Jake Molloy, regional organiser for the National Union of Rail, Maritime and Transport Workers said in some cases formal co-operation between the police and the Crown and Procurator Fiscal Service had made matters worse.

The Scottish Parliament’s justice committee is scrutinising the Fatal Accidents and Sudden Deaths etc. (Scotland) Bill which aims to revamp existing legislation by implementing most of the recommendations made in a 2009 review by retired senior judge Lord Cullen.

Mr Molloy believes the proposed legislation does not strike an effective balance between the investigative process, the needs of victims families, and the adoption of new working practices or regulations to avoid future mishaps.

The Aberdeen-based offshore expert told the committee that while he accepted a mandatory timescale for FAIs would be difficult given the complexities of different incidents, trade unions were frustrated with the time involved.

Speaking of the liaison between the police, procurator fiscal service and Health and Safety Executive, he said: “The co-operation seems to have achieved nothing in regards to reducing that timescale and in fact in some cases the timescale has become even greater and that is a real concern for us and workers generally.”

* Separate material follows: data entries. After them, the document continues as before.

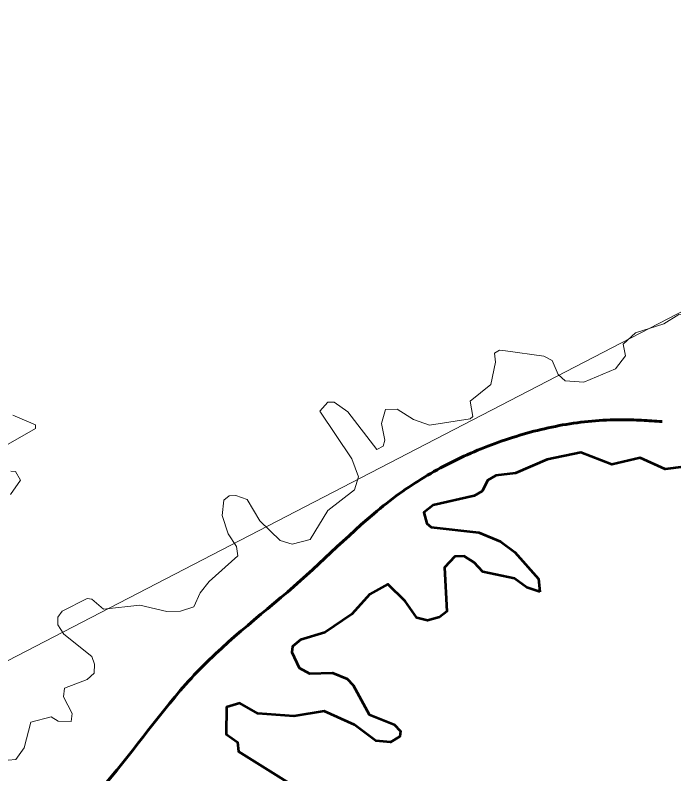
# Model space of a CAD drawing. Extents: x 553962 to 842807, y 8883888 to 9032388.
# Drawn here: x 799824.5 to 800239, y 9018248.5 to 9018725.6 of the extents above; entities that cross this region are included whole.
import ezdxf

# ---------------------------------------------------------------- set-up
doc = ezdxf.new("R2010")
doc.units = 0
doc.header["$LTSCALE"] = 200
doc.linetypes.add('LONG_DASH_SHORT_DASH', pattern=[9.9, 6, -1.2, 1.5, -1.2])
doc.layers.add('1', color=7, linetype='Continuous', lineweight=13)

msp = doc.modelspace()

# ---------------------------------------------------------------- linework, layer by layer
at = {"layer": '1'}
for points in [[(805531, 9014654.6), (804656.1, 9014532), (803479.2, 9015509.3), (802603.2, 9015624.2), (801222.1, 9016866), (800600.9, 9016813.5), (800076, 9017128.6), (799586.1, 9016682.2), (799446.1, 9016839.8), (799239.9, 9016805.7), (799493.9, 9017205.2), (799626.2, 9018219.6), (800434.5, 9018637.8), (800970.4, 9019689.3), (802445.9, 9020169.8), (804093.6, 9022119.5), (804177.1, 9022982.9)], [(800133.1, 9018514.4), (800157.1, 9018511.2), (800162.3, 9018508.5), (800166.2, 9018499.6), (800170.6, 9018495.6), (800182.4, 9018494.9), (800202.3, 9018503.2), (800208.6, 9018511.3), (800207, 9018518.7), (800214.8, 9018525.9), (800232.7, 9018531.5), (800242.2, 9018537.4), (800250.5, 9018537.2), (800265, 9018534), (800273.5, 9018535.5), (800282.1, 9018543.3), (800283.9, 9018556.6), (800284.3, 9018556.6)], [(800133.1, 9018514.4), (800157.1, 9018511.2), (800162.3, 9018508.5), (800166.2, 9018499.6), (800170.6, 9018495.6), (800182.4, 9018494.9), (800202.3, 9018503.2), (800208.6, 9018511.3), (800207, 9018518.7), (800214.8, 9018525.9), (800232.7, 9018531.5), (800242.2, 9018537.4), (800250.5, 9018537.2), (800265, 9018534), (800273.5, 9018535.5), (800282.1, 9018543.3), (800283.9, 9018556.6), (800284.3, 9018556.6)], [(800133.1, 9018514.4), (800157.1, 9018511.2), (800162.3, 9018508.5), (800166.2, 9018499.6), (800170.6, 9018495.6), (800182.4, 9018494.9), (800202.3, 9018503.2), (800208.6, 9018511.3), (800207, 9018518.7), (800214.8, 9018525.9), (800232.7, 9018531.5), (800242.2, 9018537.4), (800250.5, 9018537.2), (800265, 9018534), (800273.5, 9018535.5), (800282.1, 9018543.3), (800283.9, 9018556.6), (800284.3, 9018556.6)], [(800133.1, 9018514.4), (800157.1, 9018511.2), (800162.3, 9018508.5), (800166.2, 9018499.6), (800170.6, 9018495.6), (800182.4, 9018494.9), (800202.3, 9018503.2), (800208.6, 9018511.3), (800207, 9018518.7), (800214.8, 9018525.9), (800232.7, 9018531.5), (800242.2, 9018537.4), (800250.5, 9018537.2), (800265, 9018534), (800273.5, 9018535.5), (800282.1, 9018543.3), (800283.9, 9018556.6), (800284.3, 9018556.6)], [(799869.8, 9018358.7), (799872.8, 9018358.3), (799880.1, 9018352), (799903, 9018354.5), (799920, 9018350.5), (799928.5, 9018350.9), (799936.9, 9018353.6), (799940.8, 9018362.3), (799946.5, 9018369.4), (799964.6, 9018385.5), (799963.7, 9018391.5), (799958.6, 9018399.5), (799954.8, 9018411), (799955.7, 9018420.5), (799959.1, 9018423.3), (799963.3, 9018423.5), (799970.5, 9018421), (799978.4, 9018407.6), (799991.3, 9018395.3), (799998.7, 9018393), (800010.2, 9018395.9), (800021.3, 9018414), (800038.1, 9018427.1), (800040.6, 9018435.2), (800036.4, 9018446.6), (800016.2, 9018476.5), (800021.3, 9018482.2), (800025.3, 9018482.2), (800033.8, 9018476.2), (800052.1, 9018452.4), (800056.1, 9018454.6), (800057, 9018458.3), (800055.1, 9018468.8), (800057.6, 9018477.7), (800064.8, 9018477.9), (800075.1, 9018471.3), (800085.2, 9018467.7), (800110.8, 9018471.8), (800110.8, 9018471.8), (800112.4, 9018473.3), (800110.7, 9018482.8), (800123.9, 9018493.4), (800126.8, 9018507.4), (800126.1, 9018513), (800129.2, 9018514.9), (800133.1, 9018514.4)], [(799869.8, 9018358.7), (799872.8, 9018358.3), (799880.1, 9018352), (799903, 9018354.5), (799920, 9018350.5), (799928.5, 9018350.9), (799936.9, 9018353.6), (799940.8, 9018362.3), (799946.5, 9018369.4), (799964.6, 9018385.5), (799963.7, 9018391.5), (799958.6, 9018399.5), (799954.8, 9018411), (799955.7, 9018420.5), (799959.1, 9018423.3), (799963.3, 9018423.5), (799970.5, 9018421), (799978.4, 9018407.6), (799991.3, 9018395.3), (799998.7, 9018393), (800010.2, 9018395.9), (800021.3, 9018414), (800038.1, 9018427.1), (800040.6, 9018435.2), (800036.4, 9018446.6), (800016.2, 9018476.5), (800021.3, 9018482.2), (800025.3, 9018482.2), (800033.8, 9018476.2), (800052.1, 9018452.4), (800056.1, 9018454.6), (800057, 9018458.3), (800055.1, 9018468.8), (800057.6, 9018477.7), (800064.8, 9018477.9), (800075.1, 9018471.3), (800085.2, 9018467.7), (800110.8, 9018471.8), (800110.8, 9018471.8), (800112.4, 9018473.3), (800110.7, 9018482.8), (800123.9, 9018493.4), (800126.8, 9018507.4), (800126.1, 9018513), (800129.2, 9018514.9), (800133.1, 9018514.4)], [(799869.8, 9018358.7), (799872.8, 9018358.3), (799880.1, 9018352), (799903, 9018354.5), (799920, 9018350.5), (799928.5, 9018350.9), (799936.9, 9018353.6), (799940.8, 9018362.3), (799946.5, 9018369.4), (799964.6, 9018385.5), (799963.7, 9018391.5), (799958.6, 9018399.5), (799954.8, 9018411), (799955.7, 9018420.5), (799959.1, 9018423.3), (799963.3, 9018423.5), (799970.5, 9018421), (799978.4, 9018407.6), (799991.3, 9018395.3), (799998.7, 9018393), (800010.2, 9018395.9), (800021.3, 9018414), (800038.1, 9018427.1), (800040.6, 9018435.2), (800036.4, 9018446.6), (800016.2, 9018476.5), (800021.3, 9018482.2), (800025.3, 9018482.2), (800033.8, 9018476.2), (800052.1, 9018452.4), (800056.1, 9018454.6), (800057, 9018458.3), (800055.1, 9018468.8), (800057.6, 9018477.7), (800064.8, 9018477.9), (800075.1, 9018471.3), (800085.2, 9018467.7), (800110.8, 9018471.8), (800110.8, 9018471.8), (800112.4, 9018473.3), (800110.7, 9018482.8), (800123.9, 9018493.4), (800126.8, 9018507.4), (800126.1, 9018513), (800129.2, 9018514.9), (800133.1, 9018514.4)], [(799869.8, 9018358.7), (799872.8, 9018358.3), (799880.1, 9018352), (799903, 9018354.5), (799920, 9018350.5), (799928.5, 9018350.9), (799936.9, 9018353.6), (799940.8, 9018362.3), (799946.5, 9018369.4), (799964.6, 9018385.5), (799963.7, 9018391.5), (799958.6, 9018399.5), (799954.8, 9018411), (799955.7, 9018420.5), (799959.1, 9018423.3), (799963.3, 9018423.5), (799970.5, 9018421), (799978.4, 9018407.6), (799991.3, 9018395.3), (799998.7, 9018393), (800010.2, 9018395.9), (800021.3, 9018414), (800038.1, 9018427.1), (800040.6, 9018435.2), (800036.4, 9018446.6), (800016.2, 9018476.5), (800021.3, 9018482.2), (800025.3, 9018482.2), (800033.8, 9018476.2), (800052.1, 9018452.4), (800056.1, 9018454.6), (800057, 9018458.3), (800055.1, 9018468.8), (800057.6, 9018477.7), (800064.8, 9018477.9), (800075.1, 9018471.3), (800085.2, 9018467.7), (800110.8, 9018471.8), (800110.8, 9018471.8), (800112.4, 9018473.3), (800110.7, 9018482.8), (800123.9, 9018493.4), (800126.8, 9018507.4), (800126.1, 9018513), (800129.2, 9018514.9), (800133.1, 9018514.4)], [(799823.1, 9018474.1), (799837.3, 9018467.9), (799837.3, 9018465.6), (799798.2, 9018443.5)], [(799823.1, 9018474.1), (799837.3, 9018467.9), (799837.3, 9018465.6), (799798.2, 9018443.5)], [(799823.1, 9018474.1), (799837.3, 9018467.9), (799837.3, 9018465.6), (799798.2, 9018443.5)], [(799823.1, 9018474.1), (799837.3, 9018467.9), (799837.3, 9018465.6), (799798.2, 9018443.5)], [(800245, 9018441.6), (800233.5, 9018440.1), (800233.5, 9018440.1), (800217.8, 9018447.3), (800199.9, 9018443.1), (800180.4, 9018450.5), (800159.2, 9018446.1), (800139.3, 9018437.6), (800126.9, 9018436.1), (800122, 9018433.1), (800118.4, 9018426.3), (800113.3, 9018423.3), (800087.6, 9018417.5), (800081.6, 9018412.9), (800083.5, 9018405.9), (800086.2, 9018403.6), (800116.3, 9018400.2), (800129.8, 9018394.6), (800139, 9018388), (800153.8, 9018371.1), (800154.7, 9018362.9)], [(800245, 9018441.6), (800233.5, 9018440.1), (800233.5, 9018440.1), (800217.8, 9018447.3), (800199.9, 9018443.1), (800180.4, 9018450.5), (800159.2, 9018446.1), (800139.3, 9018437.6), (800126.9, 9018436.1), (800122, 9018433.1), (800118.4, 9018426.3), (800113.3, 9018423.3), (800087.6, 9018417.5), (800081.6, 9018412.9), (800083.5, 9018405.9), (800086.2, 9018403.6), (800116.3, 9018400.2), (800129.8, 9018394.6), (800139, 9018388), (800153.8, 9018371.1), (800154.7, 9018362.9)], [(800245, 9018441.6), (800233.5, 9018440.1), (800233.5, 9018440.1), (800217.8, 9018447.3), (800199.9, 9018443.1), (800180.4, 9018450.5), (800159.2, 9018446.1), (800139.3, 9018437.6), (800126.9, 9018436.1), (800122, 9018433.1), (800118.4, 9018426.3), (800113.3, 9018423.3), (800087.6, 9018417.5), (800081.6, 9018412.9), (800083.5, 9018405.9), (800086.2, 9018403.6), (800116.3, 9018400.2), (800129.8, 9018394.6), (800139, 9018388), (800153.8, 9018371.1), (800154.7, 9018362.9)], [(800245, 9018441.6), (800233.5, 9018440.1), (800233.5, 9018440.1), (800217.8, 9018447.3), (800199.9, 9018443.1), (800180.4, 9018450.5), (800159.2, 9018446.1), (800139.3, 9018437.6), (800126.9, 9018436.1), (800122, 9018433.1), (800118.4, 9018426.3), (800113.3, 9018423.3), (800087.6, 9018417.5), (800081.6, 9018412.9), (800083.5, 9018405.9), (800086.2, 9018403.6), (800116.3, 9018400.2), (800129.8, 9018394.6), (800139, 9018388), (800153.8, 9018371.1), (800154.7, 9018362.9)], [(799821.8, 9018438.8), (799824.8, 9018438.6), (799827.8, 9018433.1), (799821.6, 9018424.1)], [(799821.8, 9018438.8), (799824.8, 9018438.6), (799827.8, 9018433.1), (799821.6, 9018424.1)], [(799821.8, 9018438.8), (799824.8, 9018438.6), (799827.8, 9018433.1), (799821.6, 9018424.1)], [(799821.8, 9018438.8), (799824.8, 9018438.6), (799827.8, 9018433.1), (799821.6, 9018424.1)], [(800154.7, 9018362.9), (800154.7, 9018362.9), (800146.5, 9018365.7), (800138.7, 9018371.3), (800118.8, 9018375.5), (800113.3, 9018381.5), (800107.1, 9018385.3), (800101.2, 9018385.1), (800094.6, 9018378.3), (800096.1, 9018350.7), (800091.6, 9018347.1), (800084, 9018344.9), (800077.2, 9018346.6), (800069.9, 9018357.1), (800058.9, 9018367.7), (800047.6, 9018361.5), (800036.4, 9018349), (800019.4, 9018337.3), (800004, 9018332.8), (799999, 9018328.6), (799998.6, 9018325), (800003.2, 9018315.2), (800009.6, 9018311.6), (800024.1, 9018312), (800033.4, 9018308.2), (800037.2, 9018304.3), (800047.2, 9018285.9), (800062.9, 9018279.5), (800066.9, 9018275.3), (800066.5, 9018272.1), (800060.6, 9018268.5), (800051.5, 9018269.3), (800038, 9018279.3), (800019, 9018288), (799999.8, 9018284.8), (799977.1, 9018286.5), (799965.9, 9018292.9), (799957.4, 9018290.5), (799957.2, 9018273.5), (799964.4, 9018268.4), (799965.1, 9018262.6), (799997, 9018242.6)], [(800154.7, 9018362.9), (800154.7, 9018362.9), (800146.5, 9018365.7), (800138.7, 9018371.3), (800118.8, 9018375.5), (800113.3, 9018381.5), (800107.1, 9018385.3), (800101.2, 9018385.1), (800094.6, 9018378.3), (800096.1, 9018350.7), (800091.6, 9018347.1), (800084, 9018344.9), (800077.2, 9018346.6), (800069.9, 9018357.1), (800058.9, 9018367.7), (800047.6, 9018361.5), (800036.4, 9018349), (800019.4, 9018337.3), (800004, 9018332.8), (799999, 9018328.6), (799998.6, 9018325), (800003.2, 9018315.2), (800009.6, 9018311.6), (800024.1, 9018312), (800033.4, 9018308.2), (800037.2, 9018304.3), (800047.2, 9018285.9), (800062.9, 9018279.5), (800066.9, 9018275.3), (800066.5, 9018272.1), (800060.6, 9018268.5), (800051.5, 9018269.3), (800038, 9018279.3), (800019, 9018288), (799999.8, 9018284.8), (799977.1, 9018286.5), (799965.9, 9018292.9), (799957.4, 9018290.5), (799957.2, 9018273.5), (799964.4, 9018268.4), (799965.1, 9018262.6), (799997, 9018242.6)], [(800154.7, 9018362.9), (800154.7, 9018362.9), (800146.5, 9018365.7), (800138.7, 9018371.3), (800118.8, 9018375.5), (800113.3, 9018381.5), (800107.1, 9018385.3), (800101.2, 9018385.1), (800094.6, 9018378.3), (800096.1, 9018350.7), (800091.6, 9018347.1), (800084, 9018344.9), (800077.2, 9018346.6), (800069.9, 9018357.1), (800058.9, 9018367.7), (800047.6, 9018361.5), (800036.4, 9018349), (800019.4, 9018337.3), (800004, 9018332.8), (799999, 9018328.6), (799998.6, 9018325), (800003.2, 9018315.2), (800009.6, 9018311.6), (800024.1, 9018312), (800033.4, 9018308.2), (800037.2, 9018304.3), (800047.2, 9018285.9), (800062.9, 9018279.5), (800066.9, 9018275.3), (800066.5, 9018272.1), (800060.6, 9018268.5), (800051.5, 9018269.3), (800038, 9018279.3), (800019, 9018288), (799999.8, 9018284.8), (799977.1, 9018286.5), (799965.9, 9018292.9), (799957.4, 9018290.5), (799957.2, 9018273.5), (799964.4, 9018268.4), (799965.1, 9018262.6), (799997, 9018242.6)], [(800154.7, 9018362.9), (800154.7, 9018362.9), (800146.5, 9018365.7), (800138.7, 9018371.3), (800118.8, 9018375.5), (800113.3, 9018381.5), (800107.1, 9018385.3), (800101.2, 9018385.1), (800094.6, 9018378.3), (800096.1, 9018350.7), (800091.6, 9018347.1), (800084, 9018344.9), (800077.2, 9018346.6), (800069.9, 9018357.1), (800058.9, 9018367.7), (800047.6, 9018361.5), (800036.4, 9018349), (800019.4, 9018337.3), (800004, 9018332.8), (799999, 9018328.6), (799998.6, 9018325), (800003.2, 9018315.2), (800009.6, 9018311.6), (800024.1, 9018312), (800033.4, 9018308.2), (800037.2, 9018304.3), (800047.2, 9018285.9), (800062.9, 9018279.5), (800066.9, 9018275.3), (800066.5, 9018272.1), (800060.6, 9018268.5), (800051.5, 9018269.3), (800038, 9018279.3), (800019, 9018288), (799999.8, 9018284.8), (799977.1, 9018286.5), (799965.9, 9018292.9), (799957.4, 9018290.5), (799957.2, 9018273.5), (799964.4, 9018268.4), (799965.1, 9018262.6), (799997, 9018242.6)], [(799820.1, 9018257.2), (799824.9, 9018257.6), (799830.1, 9018264.9), (799834.4, 9018281), (799847.2, 9018284.4), (799851.6, 9018281.6), (799859.8, 9018281.4), (799860.3, 9018286.5), (799855, 9018296.9), (799855.6, 9018302.4), (799869.8, 9018307.8), (799874.1, 9018311.8), (799874.5, 9018317.5), (799872.8, 9018322.4), (799855.2, 9018336.4), (799851.4, 9018342.2), (799851.4, 9018347.1), (799854.1, 9018350.9), (799869.8, 9018358.7)], [(799820.1, 9018257.2), (799824.9, 9018257.6), (799830.1, 9018264.9), (799834.4, 9018281), (799847.2, 9018284.4), (799851.6, 9018281.6), (799859.8, 9018281.4), (799860.3, 9018286.5), (799855, 9018296.9), (799855.6, 9018302.4), (799869.8, 9018307.8), (799874.1, 9018311.8), (799874.5, 9018317.5), (799872.8, 9018322.4), (799855.2, 9018336.4), (799851.4, 9018342.2), (799851.4, 9018347.1), (799854.1, 9018350.9), (799869.8, 9018358.7)], [(799820.1, 9018257.2), (799824.9, 9018257.6), (799830.1, 9018264.9), (799834.4, 9018281), (799847.2, 9018284.4), (799851.6, 9018281.6), (799859.8, 9018281.4), (799860.3, 9018286.5), (799855, 9018296.9), (799855.6, 9018302.4), (799869.8, 9018307.8), (799874.1, 9018311.8), (799874.5, 9018317.5), (799872.8, 9018322.4), (799855.2, 9018336.4), (799851.4, 9018342.2), (799851.4, 9018347.1), (799854.1, 9018350.9), (799869.8, 9018358.7)], [(799820.1, 9018257.2), (799824.9, 9018257.6), (799830.1, 9018264.9), (799834.4, 9018281), (799847.2, 9018284.4), (799851.6, 9018281.6), (799859.8, 9018281.4), (799860.3, 9018286.5), (799855, 9018296.9), (799855.6, 9018302.4), (799869.8, 9018307.8), (799874.1, 9018311.8), (799874.5, 9018317.5), (799872.8, 9018322.4), (799855.2, 9018336.4), (799851.4, 9018342.2), (799851.4, 9018347.1), (799854.1, 9018350.9), (799869.8, 9018358.7)]]:
    msp.add_lwpolyline(points, dxfattribs=at)
at = {"layer": '1', "lineweight": 53}
for points in [[(800245, 9018441.6), (800233.5, 9018440.1), (800233.5, 9018440.1), (800217.8, 9018447.3), (800199.9, 9018443.1), (800180.4, 9018450.5), (800159.2, 9018446.1), (800139.3, 9018437.6), (800126.9, 9018436.1), (800122, 9018433.1), (800118.4, 9018426.3), (800113.3, 9018423.3), (800087.6, 9018417.5), (800081.6, 9018412.9), (800083.5, 9018405.9), (800086.2, 9018403.6), (800116.3, 9018400.2), (800129.8, 9018394.6), (800139, 9018388), (800153.8, 9018371.1), (800154.7, 9018362.9)], [(800154.7, 9018362.9), (800154.7, 9018362.9), (800146.5, 9018365.7), (800138.7, 9018371.3), (800118.8, 9018375.5), (800113.3, 9018381.5), (800107.1, 9018385.3), (800101.2, 9018385.1), (800094.6, 9018378.3), (800096.1, 9018350.7), (800091.6, 9018347.1), (800084, 9018344.9), (800077.2, 9018346.6), (800069.9, 9018357.1), (800058.9, 9018367.7), (800047.6, 9018361.5), (800036.4, 9018349), (800019.4, 9018337.3), (800004, 9018332.8), (799999, 9018328.6), (799998.6, 9018325), (800003.2, 9018315.2), (800009.6, 9018311.6), (800024.1, 9018312), (800033.4, 9018308.2), (800037.2, 9018304.3), (800047.2, 9018285.9), (800062.9, 9018279.5), (800066.9, 9018275.3), (800066.5, 9018272.1), (800060.6, 9018268.5), (800051.5, 9018269.3), (800038, 9018279.3), (800019, 9018288), (799999.8, 9018284.8), (799977.1, 9018286.5), (799965.9, 9018292.9), (799957.4, 9018290.5), (799957.2, 9018273.5), (799964.4, 9018268.4), (799965.1, 9018262.6), (799997, 9018242.6)]]:
    msp.add_lwpolyline(points, dxfattribs=at)
at = {"layer": '1', "linetype": 'LONG_DASH_SHORT_DASH', "lineweight": 60}
msp.add_spline([(799730.7, 9018099.1), (799781.3, 9018145.5), (799885.1, 9018246.8), (799939, 9018312.6), (800004, 9018370), (800066.4, 9018424.8), (800133.1, 9018458.6), (800205.7, 9018471.2), (800231.6, 9018470)], degree=3, dxfattribs=at)
msp.add_spline([(799730.7, 9018099.1), (799781.3, 9018145.5), (799885.1, 9018246.8), (799939, 9018312.6), (800004, 9018370), (800066.4, 9018424.8), (800133.1, 9018458.6), (800205.7, 9018471.2), (800231.6, 9018470)], degree=3, dxfattribs=at)

doc.saveas('drawing.dxf')

Mr Molloy said in the 2009 helicopter crash of the north-east coast in which 16 people died families were told that because a prosecution was in the pipeline not to talk to the press, trade unions of make any public statements.

Subsequently the families learned from the television there would be an FAI but no prosecutions, he said.

“Quite clearly there are problems with the way the Crown Office and procurator fiscal deals with families,” Mr Molloy said.

Both Mr Molloy and Scottish Trades Union Congress assistant secretary Ian Tasker said it would be possible to get an early statement on the basic facts of an incident in order to dispel speculation and the fears of the families.

They said other agencies such as the Air Accident Investigation Branch quickly brought forward preliminary reports that did not prejudice ongoing investigations.